Evidential integrity

Historically, investigations of all kinds have turned to CCTV, doorbell footage, voicenotes, and other similar recordings to provide an objective, neutral witness, but we are already seeing the first cases of suspects claiming that incriminating recordings are deepfakes.

If, for instance, a police force is accused of framing a suspect, is it possible to show that generative AI is extremely unlikely to be able to achieve the sample in question at this time?
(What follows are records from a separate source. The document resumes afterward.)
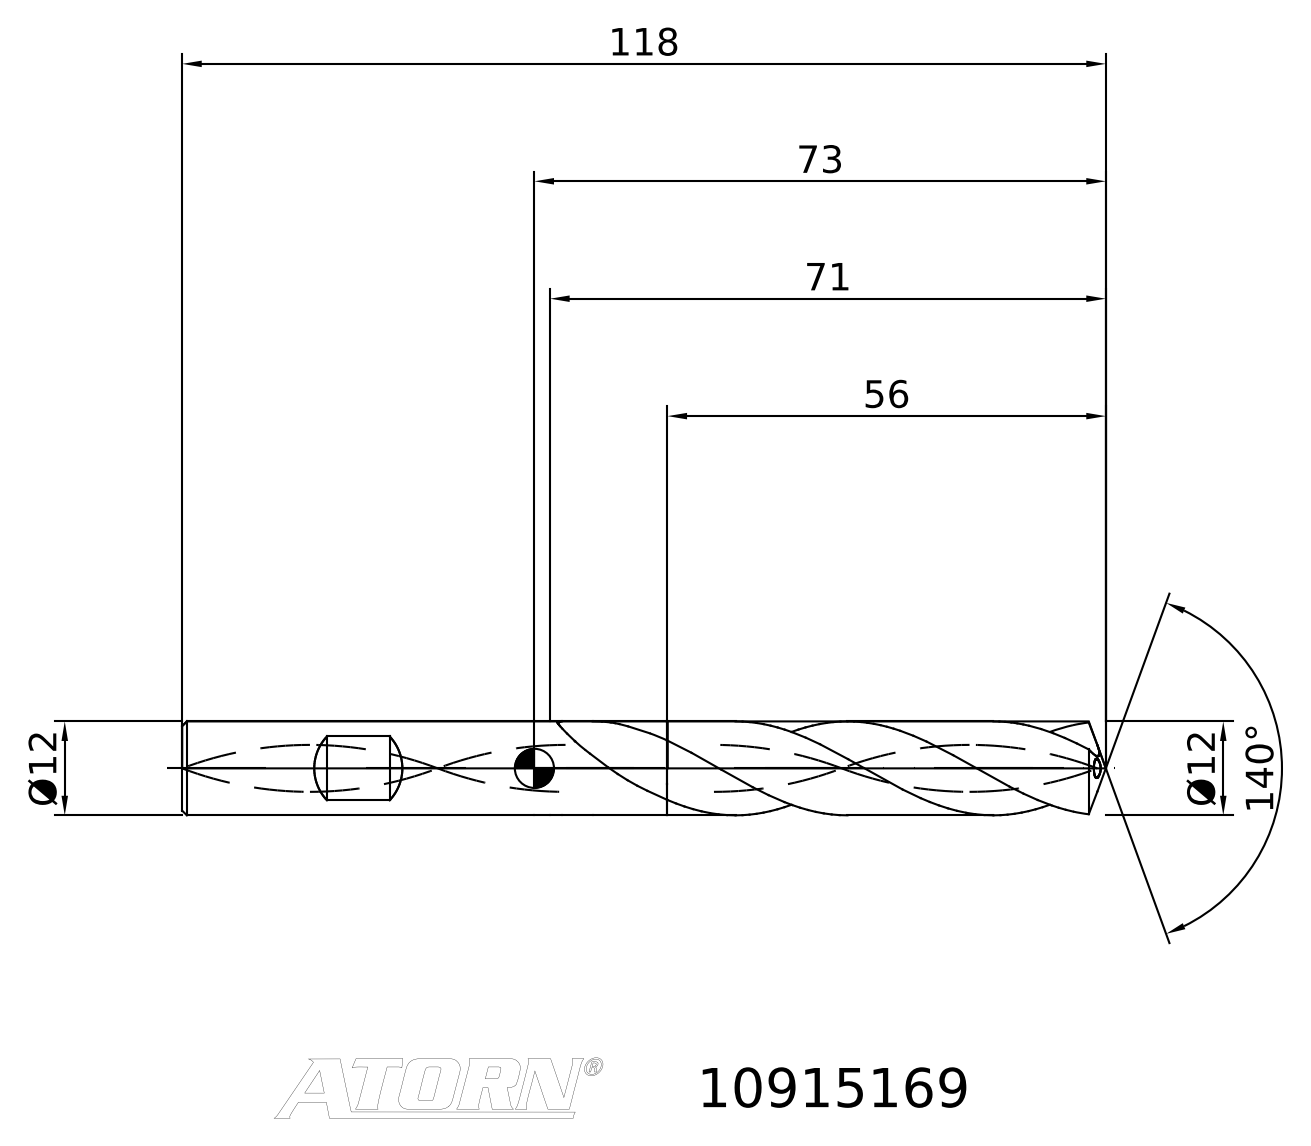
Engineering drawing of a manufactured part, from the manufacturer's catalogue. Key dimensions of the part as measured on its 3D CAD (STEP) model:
STEP written by: TDM (AUTOMOTIVE_DESIGN)
Units: millimetres
Bodies: 2 solids, 33 faces (8 planar, 0 cylindrical, 25 other)
Overall size (bounding box): 118 × 14.05 × 12.05
Volume: 10 564 mm³ · Surface area: 4 946 mm²
Main face-to-face distances: 62, 54.36, 116.36

A key part of the solution will, of course, be in proving the provenance of any sample under dispute, but given how exhaustive this defence and the processes around it could become, another part of it may well be in establishing the limits of generative AI – as they stand right now.

In short, HackaCon is about understanding where we are in this middle-ground, and how quickly we will move towards spontaneous, human-like, conversational generative AI models – including the kind that could charm your credentials right out of you.